The hybridization reaction between the capture-associated universal oligos and the chip-associated universal oligos is typically performed in solution where the metal ion concentration of the buffer is between 0.01 mM to 5 M and a pH range of pH 5 to pH 10. Other components can be added to the buffer to promote hybridization such as dextran sulfate, EDTA, surfactants, etc. The hybridization reaction can be performed at a temperature within the range of 10° C. to 90° C., preferably at a temperature within the range of 25° C. to 60° C., and most preferably at a temperature within the range of 30° C. to 50° C. Alternatively, the temperature is chosen relative to the Tm's of the nucleic acid molecules employed. The reaction is typically performed at an incubation time from 10 seconds to about 12 hours, and preferably an incubation time from 30 seconds to 5 minutes. A variety of hybridization conditions may be used in the present invention, including high, moderate and low stringency conditions; see for example Maniatis et al., Molecular Cloning: A Laboratory Manual, 3rd Edition (2001), hereby incorporated by reference. Persons of ordinary skill in the art will recognize that stringent conditions are sequence-dependent and are dependent upon the totality of the conditions employed. Longer sequences typically hybridize specifically at higher temperatures. Generally, stringent conditions are selected to be about 5-10° C. lower than the thermal melting point (Tm) for the specific sequence at a defined ionic strength pH. Stringent conditions will be those in which the salt concentration is less than about 1.0 M sodium ion, typically about 0.01 to 1.0 M sodium ion concentration (or other salts) at pH 7.0 to 8.3 and the temperature is at least about 30° C. for short probes (e.g. 10 to 50 nucleotides) and at least about 60° C. for long probes (e.g. greater than 50 nucleotides). Stringent conditions may also be achieved with the addition of destabilizing agents such as formamide. The hybridization conditions may also vary when a non-ionic backbone, i.e., PNA is used, the advantages of using PNA is discussed above. The hybridization reaction can also be controlled electrochemically by applying a potential to the electrodes to speed up the hybridization. Alternatively, the potential can be adjusted to ensure specific hybridization by increasing the stringency of the conditions.
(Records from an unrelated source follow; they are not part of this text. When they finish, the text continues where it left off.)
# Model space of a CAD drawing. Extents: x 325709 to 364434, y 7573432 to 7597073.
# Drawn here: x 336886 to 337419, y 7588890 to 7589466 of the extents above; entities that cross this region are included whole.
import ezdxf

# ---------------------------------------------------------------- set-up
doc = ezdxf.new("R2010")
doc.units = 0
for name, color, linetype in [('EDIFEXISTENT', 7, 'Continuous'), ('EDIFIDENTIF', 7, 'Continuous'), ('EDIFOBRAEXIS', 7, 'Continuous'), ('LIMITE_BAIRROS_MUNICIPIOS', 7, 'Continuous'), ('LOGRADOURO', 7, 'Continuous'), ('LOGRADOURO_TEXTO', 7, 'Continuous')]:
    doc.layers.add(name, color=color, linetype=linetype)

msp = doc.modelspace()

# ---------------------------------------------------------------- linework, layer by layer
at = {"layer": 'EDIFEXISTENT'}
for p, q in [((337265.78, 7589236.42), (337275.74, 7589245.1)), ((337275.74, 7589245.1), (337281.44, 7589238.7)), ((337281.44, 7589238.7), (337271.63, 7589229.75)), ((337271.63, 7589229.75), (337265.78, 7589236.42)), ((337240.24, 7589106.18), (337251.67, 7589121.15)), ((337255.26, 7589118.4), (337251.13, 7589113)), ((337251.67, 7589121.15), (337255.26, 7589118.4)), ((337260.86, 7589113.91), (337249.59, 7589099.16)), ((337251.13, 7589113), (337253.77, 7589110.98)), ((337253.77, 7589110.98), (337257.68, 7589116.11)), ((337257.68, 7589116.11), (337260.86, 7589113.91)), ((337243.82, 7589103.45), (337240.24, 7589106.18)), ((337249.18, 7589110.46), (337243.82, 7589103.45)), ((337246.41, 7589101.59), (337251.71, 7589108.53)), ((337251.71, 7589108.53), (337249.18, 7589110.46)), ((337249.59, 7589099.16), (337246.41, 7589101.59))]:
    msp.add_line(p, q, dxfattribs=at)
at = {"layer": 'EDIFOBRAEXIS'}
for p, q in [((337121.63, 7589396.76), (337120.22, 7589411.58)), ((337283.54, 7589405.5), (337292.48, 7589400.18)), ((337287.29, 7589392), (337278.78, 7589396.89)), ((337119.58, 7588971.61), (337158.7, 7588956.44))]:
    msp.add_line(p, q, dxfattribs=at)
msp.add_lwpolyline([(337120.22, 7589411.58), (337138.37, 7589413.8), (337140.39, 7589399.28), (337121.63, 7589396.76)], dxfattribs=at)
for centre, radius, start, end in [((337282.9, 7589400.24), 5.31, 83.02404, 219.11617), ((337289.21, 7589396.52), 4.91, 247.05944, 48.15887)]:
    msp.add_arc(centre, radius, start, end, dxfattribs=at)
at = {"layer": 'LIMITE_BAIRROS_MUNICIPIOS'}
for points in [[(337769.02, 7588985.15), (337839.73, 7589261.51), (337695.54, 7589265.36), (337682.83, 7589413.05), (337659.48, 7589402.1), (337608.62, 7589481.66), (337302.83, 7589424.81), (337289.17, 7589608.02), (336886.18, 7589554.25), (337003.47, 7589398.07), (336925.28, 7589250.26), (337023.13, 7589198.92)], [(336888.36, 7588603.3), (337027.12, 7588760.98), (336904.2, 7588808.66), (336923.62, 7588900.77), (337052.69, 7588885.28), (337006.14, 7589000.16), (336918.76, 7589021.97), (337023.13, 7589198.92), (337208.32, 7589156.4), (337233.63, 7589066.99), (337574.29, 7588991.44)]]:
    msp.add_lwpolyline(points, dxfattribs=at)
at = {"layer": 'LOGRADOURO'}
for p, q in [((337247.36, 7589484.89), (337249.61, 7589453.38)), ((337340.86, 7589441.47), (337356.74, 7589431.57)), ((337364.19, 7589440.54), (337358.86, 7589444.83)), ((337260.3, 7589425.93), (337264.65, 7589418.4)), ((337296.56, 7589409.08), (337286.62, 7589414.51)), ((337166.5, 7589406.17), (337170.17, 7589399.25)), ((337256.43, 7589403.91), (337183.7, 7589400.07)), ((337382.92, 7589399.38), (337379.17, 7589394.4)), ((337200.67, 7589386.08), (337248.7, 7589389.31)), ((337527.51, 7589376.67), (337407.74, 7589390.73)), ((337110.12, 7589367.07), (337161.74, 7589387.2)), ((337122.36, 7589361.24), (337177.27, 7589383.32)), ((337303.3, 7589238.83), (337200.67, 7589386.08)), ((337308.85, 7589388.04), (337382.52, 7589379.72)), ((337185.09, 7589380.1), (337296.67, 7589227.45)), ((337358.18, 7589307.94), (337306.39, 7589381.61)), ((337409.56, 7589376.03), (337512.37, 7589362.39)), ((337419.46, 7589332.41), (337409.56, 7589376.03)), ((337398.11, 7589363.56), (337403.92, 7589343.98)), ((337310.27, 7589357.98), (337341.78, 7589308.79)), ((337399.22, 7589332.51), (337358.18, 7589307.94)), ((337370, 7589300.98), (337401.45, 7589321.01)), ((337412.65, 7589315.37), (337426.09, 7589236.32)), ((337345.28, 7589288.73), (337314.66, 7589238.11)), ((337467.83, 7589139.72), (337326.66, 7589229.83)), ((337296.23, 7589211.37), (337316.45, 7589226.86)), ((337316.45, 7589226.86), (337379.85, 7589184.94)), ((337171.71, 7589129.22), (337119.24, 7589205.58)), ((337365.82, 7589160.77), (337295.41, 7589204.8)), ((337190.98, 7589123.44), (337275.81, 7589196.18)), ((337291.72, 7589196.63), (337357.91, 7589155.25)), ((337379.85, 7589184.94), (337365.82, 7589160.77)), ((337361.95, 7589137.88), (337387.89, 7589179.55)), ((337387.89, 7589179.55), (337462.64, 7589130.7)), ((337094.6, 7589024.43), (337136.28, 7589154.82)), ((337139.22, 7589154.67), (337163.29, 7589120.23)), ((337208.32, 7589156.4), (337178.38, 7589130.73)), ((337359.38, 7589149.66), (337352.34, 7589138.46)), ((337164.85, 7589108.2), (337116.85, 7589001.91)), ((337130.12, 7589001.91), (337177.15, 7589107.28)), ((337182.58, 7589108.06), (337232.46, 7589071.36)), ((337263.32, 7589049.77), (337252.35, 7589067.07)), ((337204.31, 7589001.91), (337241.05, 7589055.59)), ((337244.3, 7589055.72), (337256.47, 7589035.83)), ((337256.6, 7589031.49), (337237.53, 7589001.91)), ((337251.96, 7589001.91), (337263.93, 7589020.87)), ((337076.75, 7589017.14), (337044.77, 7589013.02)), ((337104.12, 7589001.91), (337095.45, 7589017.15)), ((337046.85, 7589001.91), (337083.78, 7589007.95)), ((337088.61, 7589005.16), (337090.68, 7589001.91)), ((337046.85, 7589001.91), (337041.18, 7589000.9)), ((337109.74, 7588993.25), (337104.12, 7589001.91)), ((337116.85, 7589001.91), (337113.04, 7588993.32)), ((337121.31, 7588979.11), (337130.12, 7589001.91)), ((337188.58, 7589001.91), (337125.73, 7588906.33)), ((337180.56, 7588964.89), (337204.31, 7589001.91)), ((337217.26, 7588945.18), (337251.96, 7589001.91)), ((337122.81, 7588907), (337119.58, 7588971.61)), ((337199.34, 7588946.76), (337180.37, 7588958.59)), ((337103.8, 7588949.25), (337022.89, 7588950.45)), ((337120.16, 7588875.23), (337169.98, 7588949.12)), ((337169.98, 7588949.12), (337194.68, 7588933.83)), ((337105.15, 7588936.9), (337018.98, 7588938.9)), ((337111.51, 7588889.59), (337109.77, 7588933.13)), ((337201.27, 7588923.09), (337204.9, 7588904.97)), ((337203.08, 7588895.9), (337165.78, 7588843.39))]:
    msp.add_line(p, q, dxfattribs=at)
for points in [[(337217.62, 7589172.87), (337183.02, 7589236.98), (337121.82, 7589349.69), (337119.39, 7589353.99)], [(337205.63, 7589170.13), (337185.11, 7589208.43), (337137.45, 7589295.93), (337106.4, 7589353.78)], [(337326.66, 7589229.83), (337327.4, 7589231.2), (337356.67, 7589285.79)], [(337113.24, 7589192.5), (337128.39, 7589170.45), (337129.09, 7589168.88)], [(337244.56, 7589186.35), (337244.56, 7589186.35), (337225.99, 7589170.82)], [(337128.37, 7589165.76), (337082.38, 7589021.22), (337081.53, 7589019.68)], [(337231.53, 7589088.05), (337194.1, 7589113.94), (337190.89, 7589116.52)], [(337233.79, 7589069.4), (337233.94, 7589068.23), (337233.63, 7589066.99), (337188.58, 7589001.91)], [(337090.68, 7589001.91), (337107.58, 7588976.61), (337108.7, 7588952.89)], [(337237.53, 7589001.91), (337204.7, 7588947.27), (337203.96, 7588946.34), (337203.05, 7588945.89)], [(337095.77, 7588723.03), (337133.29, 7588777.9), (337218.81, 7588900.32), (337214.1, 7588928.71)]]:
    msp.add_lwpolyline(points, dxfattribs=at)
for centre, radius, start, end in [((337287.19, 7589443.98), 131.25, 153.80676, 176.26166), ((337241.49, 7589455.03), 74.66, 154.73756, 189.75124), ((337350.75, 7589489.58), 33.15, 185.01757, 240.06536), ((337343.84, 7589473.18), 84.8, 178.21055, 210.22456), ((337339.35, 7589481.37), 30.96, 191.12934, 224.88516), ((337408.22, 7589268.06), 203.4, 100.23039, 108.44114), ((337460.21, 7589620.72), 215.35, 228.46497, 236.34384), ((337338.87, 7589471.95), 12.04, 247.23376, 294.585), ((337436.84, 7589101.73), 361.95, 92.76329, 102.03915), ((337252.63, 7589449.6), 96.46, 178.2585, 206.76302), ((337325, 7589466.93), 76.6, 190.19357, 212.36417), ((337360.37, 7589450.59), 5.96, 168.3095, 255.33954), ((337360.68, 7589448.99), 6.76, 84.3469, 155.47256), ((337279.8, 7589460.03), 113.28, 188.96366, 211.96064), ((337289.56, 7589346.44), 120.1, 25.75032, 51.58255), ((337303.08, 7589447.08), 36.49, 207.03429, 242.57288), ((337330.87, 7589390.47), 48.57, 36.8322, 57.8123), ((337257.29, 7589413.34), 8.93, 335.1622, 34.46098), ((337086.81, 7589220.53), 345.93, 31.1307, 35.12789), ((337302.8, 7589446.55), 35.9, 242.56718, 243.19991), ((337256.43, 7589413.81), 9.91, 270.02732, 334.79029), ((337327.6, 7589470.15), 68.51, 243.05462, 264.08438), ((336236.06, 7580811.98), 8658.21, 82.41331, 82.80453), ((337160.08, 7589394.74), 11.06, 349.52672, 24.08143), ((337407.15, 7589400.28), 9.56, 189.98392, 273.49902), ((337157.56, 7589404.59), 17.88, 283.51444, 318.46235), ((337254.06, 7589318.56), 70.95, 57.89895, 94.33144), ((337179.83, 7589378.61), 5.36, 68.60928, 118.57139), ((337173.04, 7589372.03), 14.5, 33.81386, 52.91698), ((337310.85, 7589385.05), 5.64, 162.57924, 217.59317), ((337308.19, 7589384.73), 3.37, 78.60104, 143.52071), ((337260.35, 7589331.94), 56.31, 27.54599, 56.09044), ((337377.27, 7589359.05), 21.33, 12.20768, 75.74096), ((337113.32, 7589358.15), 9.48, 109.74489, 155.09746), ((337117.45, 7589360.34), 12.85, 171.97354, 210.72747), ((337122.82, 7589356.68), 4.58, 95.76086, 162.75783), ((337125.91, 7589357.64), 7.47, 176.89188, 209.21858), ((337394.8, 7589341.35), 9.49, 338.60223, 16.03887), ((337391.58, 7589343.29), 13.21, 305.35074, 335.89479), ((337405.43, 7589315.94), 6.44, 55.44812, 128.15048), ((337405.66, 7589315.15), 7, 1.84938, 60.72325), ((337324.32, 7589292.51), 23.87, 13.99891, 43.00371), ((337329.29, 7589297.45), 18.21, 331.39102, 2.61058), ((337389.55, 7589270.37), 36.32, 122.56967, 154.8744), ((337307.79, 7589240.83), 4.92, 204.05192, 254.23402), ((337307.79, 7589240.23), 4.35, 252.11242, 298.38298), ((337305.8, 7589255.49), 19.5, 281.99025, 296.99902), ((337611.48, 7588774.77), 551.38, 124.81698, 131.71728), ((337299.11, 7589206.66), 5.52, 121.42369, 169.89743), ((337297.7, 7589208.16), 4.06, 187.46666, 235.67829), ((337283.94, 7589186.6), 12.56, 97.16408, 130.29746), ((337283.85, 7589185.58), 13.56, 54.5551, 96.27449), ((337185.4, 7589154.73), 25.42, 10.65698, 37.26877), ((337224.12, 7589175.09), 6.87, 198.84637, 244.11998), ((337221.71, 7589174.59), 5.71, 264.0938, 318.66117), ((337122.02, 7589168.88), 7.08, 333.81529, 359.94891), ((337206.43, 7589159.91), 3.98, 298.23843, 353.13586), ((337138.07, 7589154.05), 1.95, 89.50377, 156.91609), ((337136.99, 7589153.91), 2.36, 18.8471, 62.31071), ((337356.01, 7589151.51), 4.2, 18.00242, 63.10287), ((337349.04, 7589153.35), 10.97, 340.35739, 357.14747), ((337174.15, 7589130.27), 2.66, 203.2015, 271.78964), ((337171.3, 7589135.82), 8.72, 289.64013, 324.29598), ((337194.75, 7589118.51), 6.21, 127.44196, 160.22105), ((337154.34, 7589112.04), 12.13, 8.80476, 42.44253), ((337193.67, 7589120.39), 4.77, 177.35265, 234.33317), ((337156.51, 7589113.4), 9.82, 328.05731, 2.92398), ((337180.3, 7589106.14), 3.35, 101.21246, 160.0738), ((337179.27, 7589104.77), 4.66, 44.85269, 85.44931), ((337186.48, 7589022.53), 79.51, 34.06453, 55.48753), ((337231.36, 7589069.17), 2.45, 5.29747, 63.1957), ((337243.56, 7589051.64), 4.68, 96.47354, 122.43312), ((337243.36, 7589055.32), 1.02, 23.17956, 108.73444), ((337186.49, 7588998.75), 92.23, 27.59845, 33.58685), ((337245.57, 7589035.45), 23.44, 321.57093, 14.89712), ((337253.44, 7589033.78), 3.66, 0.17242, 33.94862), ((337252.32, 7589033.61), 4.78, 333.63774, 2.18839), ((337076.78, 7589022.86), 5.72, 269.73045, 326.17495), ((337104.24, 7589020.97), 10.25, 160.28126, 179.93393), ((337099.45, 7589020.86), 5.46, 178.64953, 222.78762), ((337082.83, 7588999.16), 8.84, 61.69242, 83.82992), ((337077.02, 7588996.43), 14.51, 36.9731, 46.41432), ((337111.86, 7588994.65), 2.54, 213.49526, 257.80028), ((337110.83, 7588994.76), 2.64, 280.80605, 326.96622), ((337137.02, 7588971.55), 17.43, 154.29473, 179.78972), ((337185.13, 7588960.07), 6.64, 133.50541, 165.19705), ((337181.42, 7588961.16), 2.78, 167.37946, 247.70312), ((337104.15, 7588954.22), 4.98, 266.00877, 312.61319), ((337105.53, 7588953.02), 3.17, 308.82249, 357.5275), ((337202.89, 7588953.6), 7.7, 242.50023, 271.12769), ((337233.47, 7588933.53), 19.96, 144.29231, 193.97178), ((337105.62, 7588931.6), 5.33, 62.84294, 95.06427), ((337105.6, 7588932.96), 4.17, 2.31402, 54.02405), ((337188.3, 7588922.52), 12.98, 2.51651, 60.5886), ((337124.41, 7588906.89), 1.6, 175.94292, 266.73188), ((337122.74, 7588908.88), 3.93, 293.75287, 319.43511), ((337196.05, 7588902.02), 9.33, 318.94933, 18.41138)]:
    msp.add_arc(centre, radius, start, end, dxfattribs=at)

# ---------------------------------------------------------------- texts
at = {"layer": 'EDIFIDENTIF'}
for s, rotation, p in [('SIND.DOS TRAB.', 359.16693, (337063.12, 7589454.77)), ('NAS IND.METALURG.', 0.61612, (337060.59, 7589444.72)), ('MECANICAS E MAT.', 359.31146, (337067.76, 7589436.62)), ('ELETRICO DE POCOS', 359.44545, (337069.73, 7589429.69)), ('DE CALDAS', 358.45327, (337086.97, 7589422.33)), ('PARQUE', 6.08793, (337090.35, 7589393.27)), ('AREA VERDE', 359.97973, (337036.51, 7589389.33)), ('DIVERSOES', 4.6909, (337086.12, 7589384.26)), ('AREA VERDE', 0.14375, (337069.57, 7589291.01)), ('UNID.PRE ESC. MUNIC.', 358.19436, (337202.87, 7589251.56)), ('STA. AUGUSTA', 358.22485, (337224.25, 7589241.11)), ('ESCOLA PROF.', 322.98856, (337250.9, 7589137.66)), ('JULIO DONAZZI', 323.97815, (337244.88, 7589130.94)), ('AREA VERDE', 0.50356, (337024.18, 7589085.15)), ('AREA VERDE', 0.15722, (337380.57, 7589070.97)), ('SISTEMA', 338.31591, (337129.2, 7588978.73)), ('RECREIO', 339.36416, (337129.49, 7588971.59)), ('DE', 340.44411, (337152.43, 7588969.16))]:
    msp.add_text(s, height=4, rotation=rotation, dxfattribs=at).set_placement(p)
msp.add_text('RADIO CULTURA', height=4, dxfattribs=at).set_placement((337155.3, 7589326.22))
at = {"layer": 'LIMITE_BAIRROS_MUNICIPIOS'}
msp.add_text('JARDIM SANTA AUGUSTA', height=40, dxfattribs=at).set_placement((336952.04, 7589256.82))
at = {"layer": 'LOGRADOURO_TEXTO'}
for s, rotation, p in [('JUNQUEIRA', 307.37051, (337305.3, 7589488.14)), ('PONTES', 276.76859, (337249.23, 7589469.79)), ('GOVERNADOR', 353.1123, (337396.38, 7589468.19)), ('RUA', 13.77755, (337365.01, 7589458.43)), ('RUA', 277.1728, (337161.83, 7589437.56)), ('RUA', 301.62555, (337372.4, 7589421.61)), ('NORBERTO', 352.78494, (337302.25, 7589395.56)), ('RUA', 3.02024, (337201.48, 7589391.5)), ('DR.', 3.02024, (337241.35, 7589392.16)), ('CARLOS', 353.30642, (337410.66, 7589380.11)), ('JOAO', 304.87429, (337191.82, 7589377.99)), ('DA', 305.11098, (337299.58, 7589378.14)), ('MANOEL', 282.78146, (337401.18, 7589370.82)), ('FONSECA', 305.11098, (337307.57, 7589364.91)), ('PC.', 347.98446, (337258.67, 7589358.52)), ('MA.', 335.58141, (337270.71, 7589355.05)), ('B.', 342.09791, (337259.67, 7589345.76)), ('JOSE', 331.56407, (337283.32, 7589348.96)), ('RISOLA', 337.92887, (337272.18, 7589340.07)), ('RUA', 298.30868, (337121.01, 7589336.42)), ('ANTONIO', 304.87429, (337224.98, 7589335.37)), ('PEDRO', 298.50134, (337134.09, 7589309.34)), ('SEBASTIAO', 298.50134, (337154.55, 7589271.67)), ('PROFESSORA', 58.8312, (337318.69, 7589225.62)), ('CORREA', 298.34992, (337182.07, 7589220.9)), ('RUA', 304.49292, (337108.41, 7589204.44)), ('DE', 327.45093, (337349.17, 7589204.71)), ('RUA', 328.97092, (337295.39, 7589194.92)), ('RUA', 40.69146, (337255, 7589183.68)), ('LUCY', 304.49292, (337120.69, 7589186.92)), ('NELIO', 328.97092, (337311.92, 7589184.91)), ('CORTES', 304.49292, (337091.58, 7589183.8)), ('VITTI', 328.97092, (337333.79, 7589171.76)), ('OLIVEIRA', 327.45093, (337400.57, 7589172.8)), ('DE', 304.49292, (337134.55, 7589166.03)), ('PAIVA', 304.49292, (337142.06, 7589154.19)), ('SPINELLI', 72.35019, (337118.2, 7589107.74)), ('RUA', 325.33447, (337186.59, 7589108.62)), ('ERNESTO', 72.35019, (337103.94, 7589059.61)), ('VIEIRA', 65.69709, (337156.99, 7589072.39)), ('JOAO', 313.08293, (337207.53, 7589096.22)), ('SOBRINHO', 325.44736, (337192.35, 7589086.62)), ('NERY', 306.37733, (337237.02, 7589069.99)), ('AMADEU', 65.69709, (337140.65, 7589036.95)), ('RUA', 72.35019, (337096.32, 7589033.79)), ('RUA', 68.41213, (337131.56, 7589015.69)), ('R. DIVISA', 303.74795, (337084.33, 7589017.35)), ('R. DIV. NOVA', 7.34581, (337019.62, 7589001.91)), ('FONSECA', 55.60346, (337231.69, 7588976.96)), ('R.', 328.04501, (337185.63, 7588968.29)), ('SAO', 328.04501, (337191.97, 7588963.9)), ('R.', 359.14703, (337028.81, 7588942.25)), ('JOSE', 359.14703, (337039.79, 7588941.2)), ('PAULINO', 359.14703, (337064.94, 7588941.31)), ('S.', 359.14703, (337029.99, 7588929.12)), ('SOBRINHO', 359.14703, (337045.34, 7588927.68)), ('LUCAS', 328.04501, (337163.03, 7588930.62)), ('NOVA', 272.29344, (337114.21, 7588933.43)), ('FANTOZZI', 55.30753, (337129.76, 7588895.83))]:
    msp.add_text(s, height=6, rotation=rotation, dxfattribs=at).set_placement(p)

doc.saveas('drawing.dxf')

In one embodiment, detection of a hybridization event can be enhanced by the use of a detection moiety. A detection moiety can be, for example, agents characterized by a tendency to bind specifically to double stranded nucleic acid such as double stranded DNA. Many detection moieties have in their molecules a flat intercalating group such as a phenyl group, which intercalates between the base pairs of a double stranded nucleic acid, therefore binding to the double stranded nucleic acid. Some detection moieties comprise conjugated electron structures and are therefore optically active; some are commonly used in the quantification or visualization of nucleic acids. Certain detection moieties exhibit an electrode response, thereby generating or enhancing an electrochemical response. As such, determination of physical change, especially electrochemical change, may serve to detect the intercalating agents bound to a double stranded nucleic acid and so enhance the detection of a hybridization reaction.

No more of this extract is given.